- DATA TO USE -
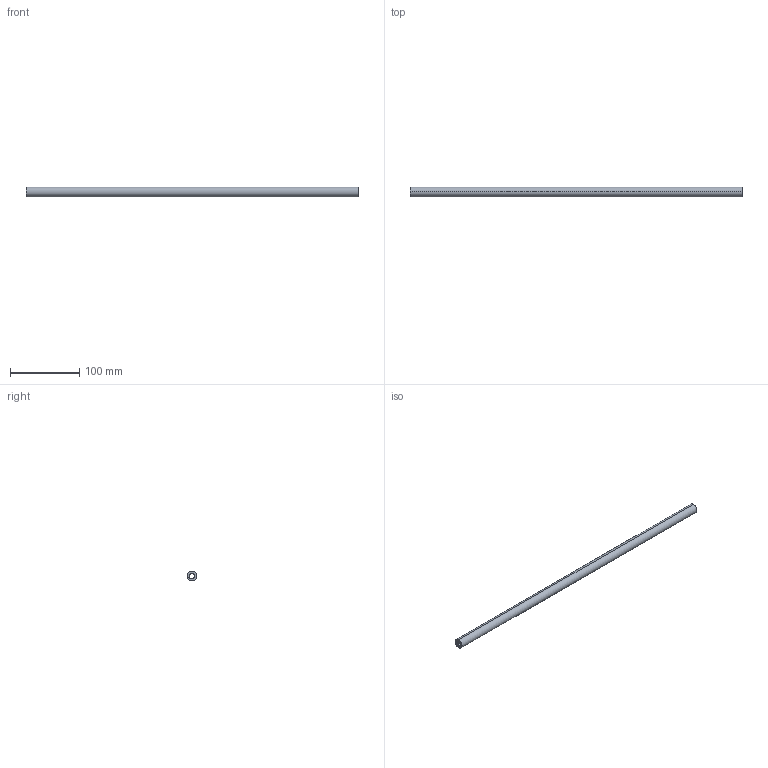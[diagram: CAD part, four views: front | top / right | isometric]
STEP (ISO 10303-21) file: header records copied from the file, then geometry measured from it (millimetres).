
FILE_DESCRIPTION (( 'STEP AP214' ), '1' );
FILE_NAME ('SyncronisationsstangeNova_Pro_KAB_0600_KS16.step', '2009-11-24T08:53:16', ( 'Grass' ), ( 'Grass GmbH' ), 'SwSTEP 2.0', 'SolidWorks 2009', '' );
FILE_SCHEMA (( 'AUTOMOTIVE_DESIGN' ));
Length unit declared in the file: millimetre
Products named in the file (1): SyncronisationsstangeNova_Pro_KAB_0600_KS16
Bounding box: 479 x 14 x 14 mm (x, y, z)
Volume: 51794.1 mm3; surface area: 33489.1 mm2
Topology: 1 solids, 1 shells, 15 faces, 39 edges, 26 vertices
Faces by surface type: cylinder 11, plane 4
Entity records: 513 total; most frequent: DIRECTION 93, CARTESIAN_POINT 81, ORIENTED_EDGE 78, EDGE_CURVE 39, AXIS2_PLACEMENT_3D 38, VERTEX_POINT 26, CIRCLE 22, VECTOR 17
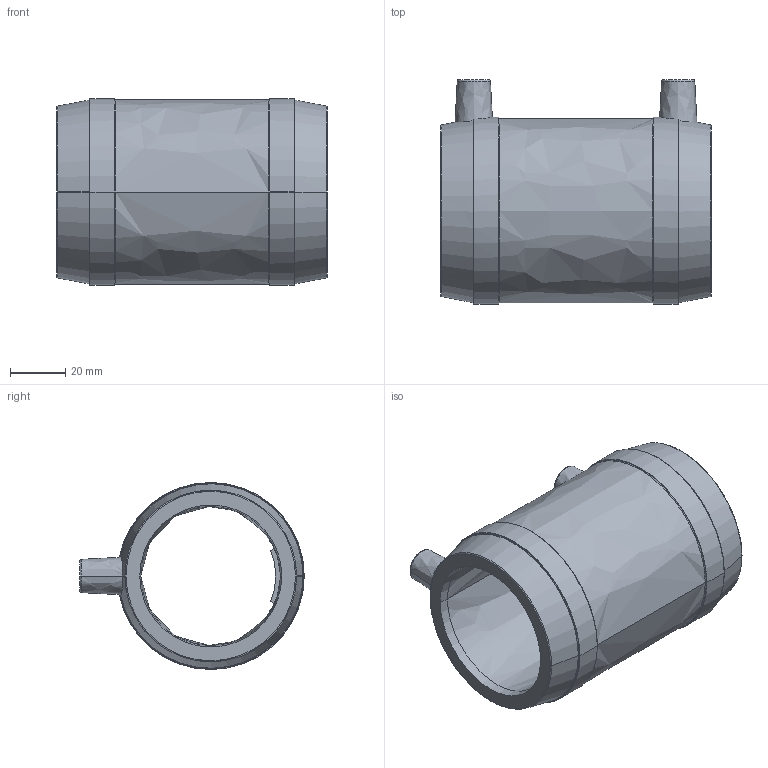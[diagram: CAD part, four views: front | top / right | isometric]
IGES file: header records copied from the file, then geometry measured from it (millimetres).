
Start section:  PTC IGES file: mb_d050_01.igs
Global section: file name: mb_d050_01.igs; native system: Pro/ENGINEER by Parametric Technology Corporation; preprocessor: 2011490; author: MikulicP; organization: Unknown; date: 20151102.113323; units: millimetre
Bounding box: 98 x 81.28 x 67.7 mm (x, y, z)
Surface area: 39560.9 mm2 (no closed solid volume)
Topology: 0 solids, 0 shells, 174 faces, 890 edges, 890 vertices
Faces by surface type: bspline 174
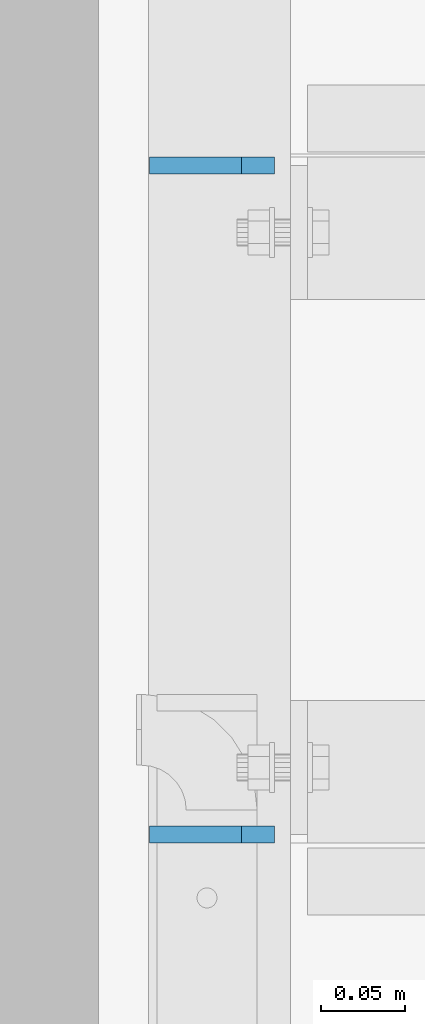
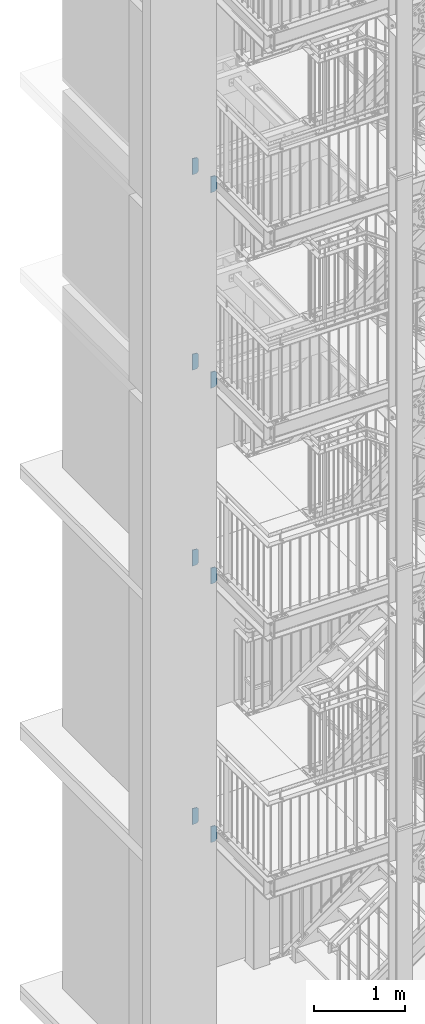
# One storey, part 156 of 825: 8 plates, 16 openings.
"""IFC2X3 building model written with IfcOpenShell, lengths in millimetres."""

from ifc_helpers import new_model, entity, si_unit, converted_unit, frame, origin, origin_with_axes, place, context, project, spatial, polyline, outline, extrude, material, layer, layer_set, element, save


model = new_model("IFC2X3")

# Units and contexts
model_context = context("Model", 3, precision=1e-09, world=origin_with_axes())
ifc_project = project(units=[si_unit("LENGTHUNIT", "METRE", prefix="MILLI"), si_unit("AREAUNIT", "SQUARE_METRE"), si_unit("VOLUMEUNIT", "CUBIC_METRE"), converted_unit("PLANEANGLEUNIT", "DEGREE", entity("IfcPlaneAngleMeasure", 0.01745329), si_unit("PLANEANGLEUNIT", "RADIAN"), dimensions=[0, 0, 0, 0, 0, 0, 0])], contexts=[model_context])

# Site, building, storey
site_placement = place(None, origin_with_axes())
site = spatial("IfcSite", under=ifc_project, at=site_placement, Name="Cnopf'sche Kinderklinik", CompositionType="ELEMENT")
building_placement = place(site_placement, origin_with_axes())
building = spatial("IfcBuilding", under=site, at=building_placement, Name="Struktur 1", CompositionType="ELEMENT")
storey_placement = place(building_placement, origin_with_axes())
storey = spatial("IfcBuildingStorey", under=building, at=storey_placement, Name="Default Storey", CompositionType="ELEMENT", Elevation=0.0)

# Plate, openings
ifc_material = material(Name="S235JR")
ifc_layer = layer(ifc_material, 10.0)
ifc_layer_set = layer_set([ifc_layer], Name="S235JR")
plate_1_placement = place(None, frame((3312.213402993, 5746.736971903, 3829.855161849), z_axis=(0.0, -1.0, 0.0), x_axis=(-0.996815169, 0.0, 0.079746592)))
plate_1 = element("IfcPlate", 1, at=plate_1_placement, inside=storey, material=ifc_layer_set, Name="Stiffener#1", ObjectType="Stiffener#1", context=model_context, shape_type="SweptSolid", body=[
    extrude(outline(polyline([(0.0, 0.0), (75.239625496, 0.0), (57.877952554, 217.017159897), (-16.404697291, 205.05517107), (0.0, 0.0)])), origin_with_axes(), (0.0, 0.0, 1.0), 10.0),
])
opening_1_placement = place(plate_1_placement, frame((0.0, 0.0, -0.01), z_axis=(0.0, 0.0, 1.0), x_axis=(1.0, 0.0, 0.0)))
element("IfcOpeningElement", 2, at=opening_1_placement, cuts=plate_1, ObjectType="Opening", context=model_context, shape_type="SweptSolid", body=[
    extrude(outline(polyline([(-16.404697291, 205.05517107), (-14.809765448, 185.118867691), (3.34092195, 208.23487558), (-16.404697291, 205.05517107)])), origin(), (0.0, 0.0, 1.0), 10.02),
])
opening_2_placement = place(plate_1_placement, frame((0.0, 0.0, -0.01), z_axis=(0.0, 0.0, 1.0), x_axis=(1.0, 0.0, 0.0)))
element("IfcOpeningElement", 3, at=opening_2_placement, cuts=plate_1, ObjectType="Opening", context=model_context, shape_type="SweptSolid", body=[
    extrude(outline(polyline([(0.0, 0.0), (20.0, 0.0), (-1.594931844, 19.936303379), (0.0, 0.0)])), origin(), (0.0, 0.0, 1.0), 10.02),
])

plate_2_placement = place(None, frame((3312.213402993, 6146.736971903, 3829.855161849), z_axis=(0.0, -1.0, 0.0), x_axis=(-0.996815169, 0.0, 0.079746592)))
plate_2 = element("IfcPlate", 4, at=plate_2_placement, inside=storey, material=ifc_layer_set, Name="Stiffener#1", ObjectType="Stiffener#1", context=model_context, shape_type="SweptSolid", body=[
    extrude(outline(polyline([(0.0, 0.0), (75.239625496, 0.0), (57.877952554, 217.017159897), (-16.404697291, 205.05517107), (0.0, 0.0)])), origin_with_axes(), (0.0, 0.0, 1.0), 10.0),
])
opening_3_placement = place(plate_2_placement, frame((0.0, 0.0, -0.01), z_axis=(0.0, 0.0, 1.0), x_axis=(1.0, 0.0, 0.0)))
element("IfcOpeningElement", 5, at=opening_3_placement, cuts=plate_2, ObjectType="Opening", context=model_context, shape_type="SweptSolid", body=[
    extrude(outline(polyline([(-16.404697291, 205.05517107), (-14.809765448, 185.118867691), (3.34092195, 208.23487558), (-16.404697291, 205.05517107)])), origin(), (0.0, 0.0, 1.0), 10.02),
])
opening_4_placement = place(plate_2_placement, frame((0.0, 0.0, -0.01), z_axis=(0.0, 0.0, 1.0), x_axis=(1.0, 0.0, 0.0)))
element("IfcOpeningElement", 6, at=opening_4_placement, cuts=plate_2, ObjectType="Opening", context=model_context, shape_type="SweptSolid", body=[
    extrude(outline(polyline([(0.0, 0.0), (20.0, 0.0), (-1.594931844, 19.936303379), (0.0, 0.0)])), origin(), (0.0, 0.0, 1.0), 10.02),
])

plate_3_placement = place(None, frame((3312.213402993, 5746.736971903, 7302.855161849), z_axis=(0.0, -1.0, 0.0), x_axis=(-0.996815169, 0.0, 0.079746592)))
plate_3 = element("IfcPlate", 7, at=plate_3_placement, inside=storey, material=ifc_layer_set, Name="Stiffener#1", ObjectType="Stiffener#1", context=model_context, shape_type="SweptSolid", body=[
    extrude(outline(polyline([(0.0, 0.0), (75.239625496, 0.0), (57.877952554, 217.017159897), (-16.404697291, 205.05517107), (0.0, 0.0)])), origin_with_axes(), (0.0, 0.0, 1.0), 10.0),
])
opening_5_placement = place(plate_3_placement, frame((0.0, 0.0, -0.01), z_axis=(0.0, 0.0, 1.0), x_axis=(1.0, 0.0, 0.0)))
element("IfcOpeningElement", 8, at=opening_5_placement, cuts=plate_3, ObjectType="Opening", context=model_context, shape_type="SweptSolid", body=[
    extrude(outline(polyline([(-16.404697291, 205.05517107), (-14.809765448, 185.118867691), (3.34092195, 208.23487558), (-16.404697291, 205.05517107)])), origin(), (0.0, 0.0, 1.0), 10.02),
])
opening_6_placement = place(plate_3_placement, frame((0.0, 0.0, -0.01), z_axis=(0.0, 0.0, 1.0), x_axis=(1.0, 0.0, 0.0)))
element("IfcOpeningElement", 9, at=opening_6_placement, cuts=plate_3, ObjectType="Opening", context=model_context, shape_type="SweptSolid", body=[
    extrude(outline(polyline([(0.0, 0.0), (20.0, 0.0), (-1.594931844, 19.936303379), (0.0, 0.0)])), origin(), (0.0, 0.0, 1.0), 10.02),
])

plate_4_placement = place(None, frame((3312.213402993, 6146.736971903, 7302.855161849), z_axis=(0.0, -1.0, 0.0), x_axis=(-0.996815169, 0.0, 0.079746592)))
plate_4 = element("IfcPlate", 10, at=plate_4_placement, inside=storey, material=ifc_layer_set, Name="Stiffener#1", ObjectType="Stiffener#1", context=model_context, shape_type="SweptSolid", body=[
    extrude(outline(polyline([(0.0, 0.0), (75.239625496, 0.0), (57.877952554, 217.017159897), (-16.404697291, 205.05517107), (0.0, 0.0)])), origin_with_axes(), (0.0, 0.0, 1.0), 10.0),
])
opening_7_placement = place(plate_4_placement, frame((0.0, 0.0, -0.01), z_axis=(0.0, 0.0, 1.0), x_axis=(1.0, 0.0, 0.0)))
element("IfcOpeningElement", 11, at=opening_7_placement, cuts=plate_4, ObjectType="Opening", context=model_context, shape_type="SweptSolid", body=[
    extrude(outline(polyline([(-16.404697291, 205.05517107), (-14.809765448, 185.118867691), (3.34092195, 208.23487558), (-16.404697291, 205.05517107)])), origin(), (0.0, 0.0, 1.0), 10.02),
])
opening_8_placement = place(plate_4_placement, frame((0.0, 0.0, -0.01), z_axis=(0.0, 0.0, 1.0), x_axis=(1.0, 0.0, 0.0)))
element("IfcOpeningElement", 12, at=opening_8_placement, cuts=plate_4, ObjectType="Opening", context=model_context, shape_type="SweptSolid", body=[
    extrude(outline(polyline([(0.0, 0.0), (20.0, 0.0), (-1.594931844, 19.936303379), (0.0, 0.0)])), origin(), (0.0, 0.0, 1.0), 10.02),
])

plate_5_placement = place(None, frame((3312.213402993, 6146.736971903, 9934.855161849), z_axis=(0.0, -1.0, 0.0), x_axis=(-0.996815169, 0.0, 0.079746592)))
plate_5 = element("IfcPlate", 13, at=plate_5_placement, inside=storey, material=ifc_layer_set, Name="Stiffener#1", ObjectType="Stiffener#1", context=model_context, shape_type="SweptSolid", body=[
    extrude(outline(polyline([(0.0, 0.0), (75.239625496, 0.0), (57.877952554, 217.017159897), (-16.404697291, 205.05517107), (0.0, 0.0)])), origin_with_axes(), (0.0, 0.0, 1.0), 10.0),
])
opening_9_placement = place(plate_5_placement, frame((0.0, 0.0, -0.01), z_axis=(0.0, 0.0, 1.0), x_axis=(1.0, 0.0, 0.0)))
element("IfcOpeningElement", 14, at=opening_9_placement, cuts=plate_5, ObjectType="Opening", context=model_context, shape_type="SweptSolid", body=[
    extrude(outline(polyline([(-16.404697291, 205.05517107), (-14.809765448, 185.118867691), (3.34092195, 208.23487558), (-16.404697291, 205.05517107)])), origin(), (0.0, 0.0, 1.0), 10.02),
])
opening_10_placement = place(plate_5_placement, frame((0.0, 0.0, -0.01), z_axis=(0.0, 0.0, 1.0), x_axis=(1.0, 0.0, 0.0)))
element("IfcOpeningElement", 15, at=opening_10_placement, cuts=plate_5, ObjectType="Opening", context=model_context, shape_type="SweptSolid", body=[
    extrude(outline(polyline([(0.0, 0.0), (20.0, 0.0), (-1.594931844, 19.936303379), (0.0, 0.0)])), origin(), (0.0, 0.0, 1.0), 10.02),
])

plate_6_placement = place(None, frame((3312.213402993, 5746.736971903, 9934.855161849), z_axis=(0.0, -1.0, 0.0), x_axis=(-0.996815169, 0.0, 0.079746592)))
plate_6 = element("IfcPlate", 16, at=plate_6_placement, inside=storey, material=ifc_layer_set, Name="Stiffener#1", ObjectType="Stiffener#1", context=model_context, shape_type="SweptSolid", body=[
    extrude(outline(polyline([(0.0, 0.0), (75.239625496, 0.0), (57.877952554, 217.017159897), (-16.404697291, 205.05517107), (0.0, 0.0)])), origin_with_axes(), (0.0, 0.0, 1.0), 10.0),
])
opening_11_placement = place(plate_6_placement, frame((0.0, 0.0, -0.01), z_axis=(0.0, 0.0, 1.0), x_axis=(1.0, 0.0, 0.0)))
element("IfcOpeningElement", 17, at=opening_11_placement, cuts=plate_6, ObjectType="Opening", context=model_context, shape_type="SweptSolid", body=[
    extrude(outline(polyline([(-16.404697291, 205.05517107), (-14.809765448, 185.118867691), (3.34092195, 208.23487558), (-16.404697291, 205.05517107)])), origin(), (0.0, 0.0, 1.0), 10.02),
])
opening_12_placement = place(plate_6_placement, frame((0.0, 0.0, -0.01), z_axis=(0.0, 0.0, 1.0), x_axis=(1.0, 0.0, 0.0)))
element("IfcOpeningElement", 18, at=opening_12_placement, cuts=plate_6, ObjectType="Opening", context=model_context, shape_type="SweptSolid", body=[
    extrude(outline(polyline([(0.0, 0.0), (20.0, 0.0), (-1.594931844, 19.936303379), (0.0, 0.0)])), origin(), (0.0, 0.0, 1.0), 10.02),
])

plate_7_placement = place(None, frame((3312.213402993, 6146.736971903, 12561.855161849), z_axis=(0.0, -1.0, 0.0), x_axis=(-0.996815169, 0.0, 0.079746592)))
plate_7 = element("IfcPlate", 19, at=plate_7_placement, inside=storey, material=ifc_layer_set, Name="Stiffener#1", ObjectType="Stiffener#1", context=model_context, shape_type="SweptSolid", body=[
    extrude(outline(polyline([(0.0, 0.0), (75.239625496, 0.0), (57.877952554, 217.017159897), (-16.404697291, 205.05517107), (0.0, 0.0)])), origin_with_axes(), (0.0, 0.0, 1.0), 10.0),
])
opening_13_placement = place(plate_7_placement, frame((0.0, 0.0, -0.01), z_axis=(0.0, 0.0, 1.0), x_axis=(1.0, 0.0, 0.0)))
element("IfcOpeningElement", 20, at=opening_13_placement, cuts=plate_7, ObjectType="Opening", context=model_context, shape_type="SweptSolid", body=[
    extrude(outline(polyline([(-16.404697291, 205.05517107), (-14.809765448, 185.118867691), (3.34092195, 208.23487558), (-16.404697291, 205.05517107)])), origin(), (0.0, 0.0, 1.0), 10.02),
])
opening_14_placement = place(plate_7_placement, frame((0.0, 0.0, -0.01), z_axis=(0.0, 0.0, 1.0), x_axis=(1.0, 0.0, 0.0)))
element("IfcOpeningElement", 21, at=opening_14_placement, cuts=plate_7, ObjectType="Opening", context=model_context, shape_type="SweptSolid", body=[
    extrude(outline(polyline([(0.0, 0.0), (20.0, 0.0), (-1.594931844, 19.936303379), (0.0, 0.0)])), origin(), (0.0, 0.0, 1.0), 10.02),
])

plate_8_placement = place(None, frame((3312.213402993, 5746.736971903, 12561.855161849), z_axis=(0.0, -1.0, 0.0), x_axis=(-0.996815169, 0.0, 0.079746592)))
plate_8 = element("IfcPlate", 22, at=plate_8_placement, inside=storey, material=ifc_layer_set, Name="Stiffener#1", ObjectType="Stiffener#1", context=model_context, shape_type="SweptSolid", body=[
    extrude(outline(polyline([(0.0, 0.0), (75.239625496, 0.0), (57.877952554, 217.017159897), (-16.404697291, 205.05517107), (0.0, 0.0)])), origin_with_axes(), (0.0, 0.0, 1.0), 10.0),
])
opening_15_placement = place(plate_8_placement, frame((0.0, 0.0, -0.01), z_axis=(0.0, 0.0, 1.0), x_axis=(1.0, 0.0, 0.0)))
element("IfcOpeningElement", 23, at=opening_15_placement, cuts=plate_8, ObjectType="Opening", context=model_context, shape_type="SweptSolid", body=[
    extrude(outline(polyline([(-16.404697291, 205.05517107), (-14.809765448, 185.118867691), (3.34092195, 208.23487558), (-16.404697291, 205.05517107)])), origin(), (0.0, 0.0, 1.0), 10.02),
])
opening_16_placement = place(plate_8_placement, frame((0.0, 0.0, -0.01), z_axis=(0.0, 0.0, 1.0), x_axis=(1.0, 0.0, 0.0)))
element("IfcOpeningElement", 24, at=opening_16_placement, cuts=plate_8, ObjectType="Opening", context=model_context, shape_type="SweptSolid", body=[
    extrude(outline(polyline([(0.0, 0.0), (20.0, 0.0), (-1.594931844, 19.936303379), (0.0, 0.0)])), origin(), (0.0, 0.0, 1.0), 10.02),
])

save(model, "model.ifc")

- WHAT TO PRODUCE -
Begin at the first line of the entries and end at the line containing "IGES file: header": write out each line exactly, skipping pictures.

- RESPONSE TO THE TASK -
[diagram: CAD part, four views: front | top / right | isometric]
STEP (ISO 10303-21) file: header records copied from the file, then geometry measured from it (millimetres).
FILE_DESCRIPTION (( 'STEP AP214' ), '1' );
FILE_NAME ('SyncronisationsstangeNova_Pro_KAB_0600_KS16.step', '2009-11-24T08:53:16', ( 'Grass' ), ( 'Grass GmbH' ), 'SwSTEP 2.0', 'SolidWorks 2009', '' );
FILE_SCHEMA (( 'AUTOMOTIVE_DESIGN' ));
Length unit declared in the file: millimetre
Products named in the file (1): SyncronisationsstangeNova_Pro_KAB_0600_KS16
Bounding box: 479 x 14 x 14 mm (x, y, z)
Volume: 51794.1 mm3; surface area: 33489.1 mm2
Topology: 1 solids, 1 shells, 15 faces, 39 edges, 26 vertices
Faces by surface type: cylinder 11, plane 4
Entity records: 513 total; most frequent: DIRECTION 93, CARTESIAN_POINT 81, ORIENTED_EDGE 78, EDGE_CURVE 39, AXIS2_PLACEMENT_3D 38, VERTEX_POINT 26, CIRCLE 22, VECTOR 17
[diagram: CAD part, four views: front | top / right | isometric]
IGES file: header records copied from the file, then geometry measured from it (millimetres).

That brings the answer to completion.